# Carlton Draught- Extract Brew



## Brown_hound (18/11/10)

G'day there all, 

First time poster long time reader.

Have just started brewing again after a long spell Brewless!

Have done a couple of basic Kit'n'kilos- which has quickly reminded me why I started Extract Brewing in the first place.

Was just wondering if anyone has some recipes for a Carlton draught style beer.

Please go easy on me and give as much info as possible, including the ideal yeast to use!

Good on you guys, and thanks in advance.

Hound.


----------



## manticle (18/11/10)

Pale extract
Pride of ringwood hops, single bittering addition between 20 and 25 IBU.
Some sugar (10-20%)
Lager yeast (try the danish Wyeast if you are into liquids)

To keep true to the current CD commercial variety, brew higher gravity than you want and dilute and ferment the lager yeast a bit warm (say 16 degrees). Even without the last bit, you should get as close as you're likely to get with extract.

There's a few aussie lager threads and recipes (mainly AG but translating to extract isn't hard) that will give more guidelines. It's a simple beer but it is manufactured on a grand scale on sophisticated equipment so don't expect an exact replica.

I think CD commercial actually uses an isohop extract post ferment to get the bittering but I think your own bittering addition will be better. There's a few on here who know far more about it than me.


----------



## Aus_Rider_22 (18/11/10)

Brown_hound said:


> G'day there all,
> 
> First time poster long time reader.
> 
> ...



You probably won't get as light a coloured beer with extract or the exact same flavour profile but the following is as close as you will probably get with extract B) 

23L
2.5kg LME
700g Dextrose
Pride of Ringwood hops, bittering addition only to about 20-25IBU.

I've been recommended S-189 for an aussie style lager. If you don't have temp control then keep US-05 low as it produces a pretty clean beer around 16-18degrees.

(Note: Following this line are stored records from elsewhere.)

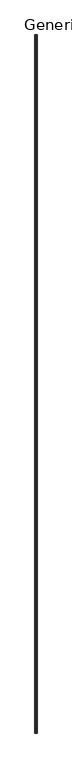
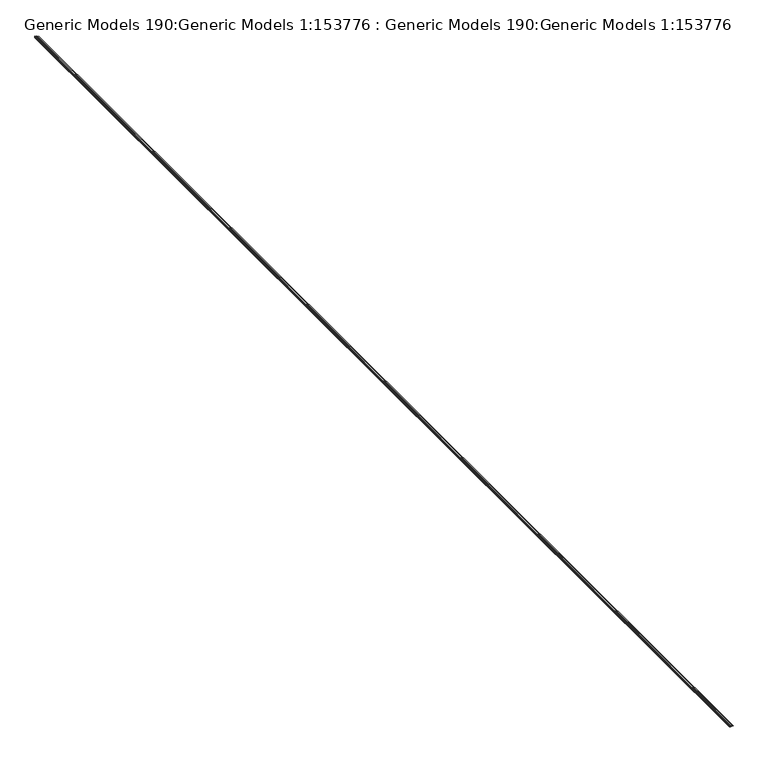
"""IFC4 building model written with IfcOpenShell, lengths in millimetres: proxy geometry, Generic Models 190:Generic Models 1:153776 : Generic Models 190:Generic Models 1:153776."""

import ifcopenshell
import ifcopenshell.guid

model = None  # the IFC model being written
_history = None  # IfcOwnerHistory: only IFC2X3 demands one
_inside = {}  # id of a spatial element -> (the spatial element, [elements in it])
_under = {}  # id of a project, library or spatial element -> (it, [spatial elements below it])
_declared = {}  # id of a project -> (the project, [libraries it declares])
_typed = {}  # id of a type object -> (the type object, [elements of that type])
_made_of = {}  # id of a material, layer set ... -> (it, [elements and type objects made of it])


def new_model(schema):
    """Start an empty IFC model of exactly this schema.

    Asked for "IFC4X3", IfcOpenShell would pick the latest addendum, in which some entities
    have other attributes; the version numbers below select the first issue.
    IFC2X3 requires an IfcOwnerHistory on every rooted entity: one is made here for all.
    """
    global model, _history
    if schema == "IFC4X3":
        model = ifcopenshell.file(schema_version=(4, 3, 0, 0))
    else:
        model = ifcopenshell.file(schema=schema)
    _inside.clear()
    _under.clear()
    _declared.clear()
    _typed.clear()
    _made_of.clear()
    _history = None
    if model.schema == "IFC2X3":
        org = make("IfcOrganization", Name="unknown")
        user = make(
            "IfcPersonAndOrganization",
            ThePerson=make("IfcPerson", FamilyName="unknown"),
            TheOrganization=org,
        )
        app = make(
            "IfcApplication",
            ApplicationDeveloper=org,
            Version="unknown",
            ApplicationFullName="unknown",
            ApplicationIdentifier="unknown",
        )
        _history = make(
            "IfcOwnerHistory",
            OwningUser=user,
            OwningApplication=app,
            ChangeAction="ADDED",
            CreationDate=0,
        )
    return model


def make(cls, **values):
    """One entity of the class cls with the attributes given. An attribute that is None is left unset."""
    return model.create_entity(
        cls, **{name: value for name, value in values.items() if value is not None}
    )


def rooted(cls, **values):
    """An entity with a GlobalId (a new one), such as an element, a storey or a relation."""
    return make(cls, GlobalId=ifcopenshell.guid.new(), OwnerHistory=_history, **values)


def si_unit(unit_type, name, prefix=None):
    """IfcSIUnit, for example si_unit("LENGTHUNIT", "METRE", prefix="MILLI")."""
    return make("IfcSIUnit", UnitType=unit_type, Prefix=prefix, Name=name)


def assignment(units):
    """IfcUnitAssignment: the units of a project."""
    return None if units is None else make("IfcUnitAssignment", Units=units)


def point(xyz):
    """IfcCartesianPoint."""
    return None if xyz is None else make("IfcCartesianPoint", Coordinates=xyz)


def direction(xyz):
    """IfcDirection."""
    return None if xyz is None else make("IfcDirection", DirectionRatios=xyz)


def frame(location, z_axis=None, x_axis=None):
    """IfcAxis2Placement3D, a coordinate frame: its origin and axes. An axis left out is left unset."""
    return make(
        "IfcAxis2Placement3D",
        Location=point(location),
        Axis=direction(z_axis),
        RefDirection=direction(x_axis),
    )


def origin():
    """The frame at (0, 0, 0) with its axes left unset."""
    return frame((0.0, 0.0, 0.0))


def place(relative_to, where):
    """IfcLocalPlacement: puts the frame where relative to a parent placement (None: the world)."""
    return make(
        "IfcLocalPlacement", PlacementRelTo=relative_to, RelativePlacement=where
    )


def context(
    kind, dimensions, precision=None, world=None, true_north=None, identifier=None
):
    """IfcGeometricRepresentationContext, for example the 3D "Model" context."""
    return make(
        "IfcGeometricRepresentationContext",
        ContextIdentifier=identifier,
        ContextType=kind,
        CoordinateSpaceDimension=dimensions,
        Precision=precision,
        WorldCoordinateSystem=world,
        TrueNorth=true_north,
    )


def project(units=None, contexts=None):
    """IfcProject with its units and contexts."""
    return rooted(
        "IfcProject",
        Name="project",
        RepresentationContexts=contexts,
        UnitsInContext=assignment(units),
    )


def spatial(cls, under=None, at=None, **own):
    """A site, building, storey or space (cls), placed at a placement, below another one or the project."""
    s = rooted(cls, ObjectPlacement=at, **own)
    if under is not None:
        _under.setdefault(under.id(), (under, []))[1].append(s)
    return s


def polyline(points):
    """IfcPolyline through the points."""
    return make("IfcPolyline", Points=[point(p) for p in points])


def outline(outer, holes=None, kind="AREA"):
    """IfcArbitraryClosedProfileDef: a profile drawn as a closed curve; with holes, ...WithVoids."""
    if holes is None:
        return make("IfcArbitraryClosedProfileDef", ProfileType=kind, OuterCurve=outer)
    return make(
        "IfcArbitraryProfileDefWithVoids",
        ProfileType=kind,
        OuterCurve=outer,
        InnerCurves=holes,
    )


def extrude(swept, where, along, depth):
    """IfcExtrudedAreaSolid: the profile swept, set in the frame where, extruded along a direction by depth."""
    return make(
        "IfcExtrudedAreaSolid",
        SweptArea=swept,
        Position=where,
        ExtrudedDirection=direction(along),
        Depth=depth,
    )


def shape(context_of_items, identifier, shape_type, items):
    """IfcShapeRepresentation: the items that make up one representation, for example the "Body"."""
    return make(
        "IfcShapeRepresentation",
        ContextOfItems=context_of_items,
        RepresentationIdentifier=identifier,
        RepresentationType=shape_type,
        Items=items,
    )


def source(mapping_origin, context_of_items, identifier, shape_type, items):
    """IfcRepresentationMap: a shape defined once, which mapped items show again and again."""
    return make(
        "IfcRepresentationMap",
        MappingOrigin=mapping_origin,
        MappedRepresentation=shape(context_of_items, identifier, shape_type, items),
    )


def transform(
    local_origin,
    x_axis=None,
    y_axis=None,
    z_axis=None,
    scale=None,
    scale2=None,
    scale3=None,
    uniform=True,
):
    """IfcCartesianTransformationOperator3D, or its non-uniform kind. x_axis, y_axis, z_axis: its Axis1, 2, 3."""
    if uniform:
        return make(
            "IfcCartesianTransformationOperator3D",
            Axis1=direction(x_axis),
            Axis2=direction(y_axis),
            LocalOrigin=point(local_origin),
            Scale=scale,
            Axis3=direction(z_axis),
        )
    return make(
        "IfcCartesianTransformationOperator3DnonUniform",
        Axis1=direction(x_axis),
        Axis2=direction(y_axis),
        LocalOrigin=point(local_origin),
        Scale=scale,
        Axis3=direction(z_axis),
        Scale2=scale2,
        Scale3=scale3,
    )


def mapped(mapping_source, mapping_target):
    """IfcMappedItem: shows the shape of a source again, moved by a transform."""
    return make(
        "IfcMappedItem", MappingSource=mapping_source, MappingTarget=mapping_target
    )


def made_of(thing, what):
    """Note that an element or type object is made of a material, layer set ...; save() writes the relation."""
    if what is not None:
        _made_of.setdefault(what.id(), (what, []))[1].append(thing)
    return thing


def element(
    cls,
    number,
    at=None,
    inside=None,
    cuts=None,
    type_object=None,
    material=None,
    context=None,
    identifier="Body",
    shape_type=None,
    held_by="IfcProductDefinitionShape",
    body=None,
    shapes=None,
    **own,
):
    """One element of the class cls, such as IfcWall. Its Tag is "e" and its number.

    at: its placement. inside: the storey or other place that contains it. cuts: it is an
    opening in that element (IfcRelVoidsElement). A single representation is given by context,
    identifier, shape_type and body (its items); several are given by shapes. held_by: the class
    of the entity that holds the representations. save() writes the other relations.
    """
    e = rooted(cls, Tag="e%d" % number, ObjectPlacement=at, **own)
    if body is not None:
        shapes = [shape(context, identifier, shape_type, body)]
    if shapes is not None:
        e.Representation = make(held_by, Representations=shapes)
    if inside is not None:
        _inside.setdefault(inside.id(), (inside, []))[1].append(e)
    if cuts is not None:
        rooted(
            "IfcRelVoidsElement", RelatingBuildingElement=cuts, RelatedOpeningElement=e
        )
    if type_object is not None:
        _typed.setdefault(type_object.id(), (type_object, []))[1].append(e)
    return made_of(e, material)


def aggregate(whole, parts):
    """IfcRelAggregates: a whole, such as a stair, and the parts it consists of."""
    return rooted("IfcRelAggregates", RelatingObject=whole, RelatedObjects=parts)


def save(model, path):
    """Write the relations noted so far, then the file.

    IfcRelAggregates (storeys below a building ...), IfcRelContainedInSpatialStructure (elements
    in a storey), IfcRelDefinesByType, IfcRelAssociatesMaterial and IfcRelDeclares: one each for
    every whole, place, type object, material and project.
    """
    for whole, parts in _under.values():
        aggregate(whole, parts)
    for where, things in _inside.values():
        rooted(
            "IfcRelContainedInSpatialStructure",
            RelatedElements=things,
            RelatingStructure=where,
        )
    for kind, things in _typed.values():
        rooted("IfcRelDefinesByType", RelatedObjects=things, RelatingType=kind)
    for what, things in _made_of.values():
        rooted("IfcRelAssociatesMaterial", RelatedObjects=things, RelatingMaterial=what)
    for by, libraries in _declared.values():
        rooted("IfcRelDeclares", RelatingContext=by, RelatedDefinitions=libraries)
    model.write(path)


def generic_models_190_generic_models_1_153776_generic_models_7bb808aa(model_context):
    return source(origin(), model_context, "Body", "SweptSolid", [
        extrude(outline(polyline([(5932.0389027, -5376.1243913), (5932.0389027, -5395.8093913), (5934.2487027, -5395.8093913), (5934.2487027, -5394.9505504), (5954.5632814, -5394.9505504), (5954.5632814, -5396.2205504), (5935.5187027, -5396.2205504), (5935.5187027, -5397.0793913), (5930.7689027, -5397.0793913), (5930.7689027, -5374.8543913), (5942.1989027, -5374.8543913), (5942.1989027, -5362.1543913), (5930.7689027, -5362.1543913), (5930.7689027, -5338.4412074), (5932.0389027, -5338.4412074), (5932.0389027, -5360.8843913), (5943.4689027, -5360.8843913), (5943.4689027, -5376.1243913), (5932.0389027, -5376.1243913)])), frame((0.0, -6877.9974793, 0.0), z_axis=(0.0, 1.0, 0.0), x_axis=(0.0, 0.0, 1.0)), (0.0, 0.0, 1.0), 19050.0),
    ])


if __name__ == "__main__":
    model = new_model("IFC4")
    model_context = context("Model", 3, world=origin())
    ifc_project = project(units=[si_unit("LENGTHUNIT", "METRE", prefix="MILLI")], contexts=[model_context])
    site = spatial("IfcSite", under=ifc_project)
    building = spatial("IfcBuilding", under=site)
    placement = place(None, origin())
    generic_models_190_generic_models_1_153776_generic_models_shape = generic_models_190_generic_models_1_153776_generic_models_7bb808aa(model_context)
    element("IfcBuildingElementProxy", 1, Name="Generic Models 190:Generic Models 1:153776 : Generic Models 190:Generic Models 1:153776", ObjectType="Generic Models 190:Generic Models 1:153776 : Generic Models 190:Generic Models 1:153776", at=placement, inside=building, context=model_context, shape_type="MappedRepresentation", body=[
        mapped(generic_models_190_generic_models_1_153776_generic_models_shape, transform((0.0, 0.0, 0.0), x_axis=(1.0, 0.0, 0.0), y_axis=(0.0, 1.0, 0.0), z_axis=(0.0, 0.0, 1.0))),
    ])
    save(model, "model.ifc")

# Revit data of these elements
# Type "Generic Models 190:Generic Models 1:153776 : Generic Models 190:Generic Models 1:153776"
#   NameOverride = "Generic Models 190:Generic Models 1:153776"
#   ObjectTypeOverride = "Generic Models 190:Generic Models 1"
#   Reference = "Generic Models 1"
#   Category = "Generic Models"
#   Tag = "153776"
# Element 1 (IfcBuildingElementProxy, "Generic Models 190:Generic Models 1:153776 : Generic Models 190:Generic Models 1:153776")
#   Materials on its faces: "_16 GA. COPPER SOFFIT DRIP SCREED 1359"
# Materials
#   "_16 GA. COPPER SOFFIT DRIP SCREED 1359": class "Unassigned", colour RGB 253 192 103, transparency 0

Lookup BribieG and Nick JD's recipes for XXXX/Aussie Lager styled beer. Even though they are all grain they will give you an idea on yeast and hops. 

EDIT: manticle beat me to it!


----------



## Bribie G (18/11/10)

I was drinking a Carlton the other day <_< in a pub and the thing that strikes me about it, VB and also XXXX heavy is that sort of "mouse cage" twang that you get - if you ever kept pet mice or know someone who did you will recognise that faint flavour/aroma (mercaptans?).

I'm not sure if it comes from the yeasts they use or the malts, but you really need to go full mash brew to emulate CD. However if using extract, a couple of kilos of LDME should give you a paler beer than using the liquid, unless you want to really splash out on 'blonde' liquid malt extract. Another way to go is to use a kit of Canadian or Cerveza and pimp that up with a kilo of Brew Enhancer 2 and some Pride of Ringwood. But throw away the kit yeast and use US-05 or S-189, fermented at around 16 degrees as Manticle suggested.


----------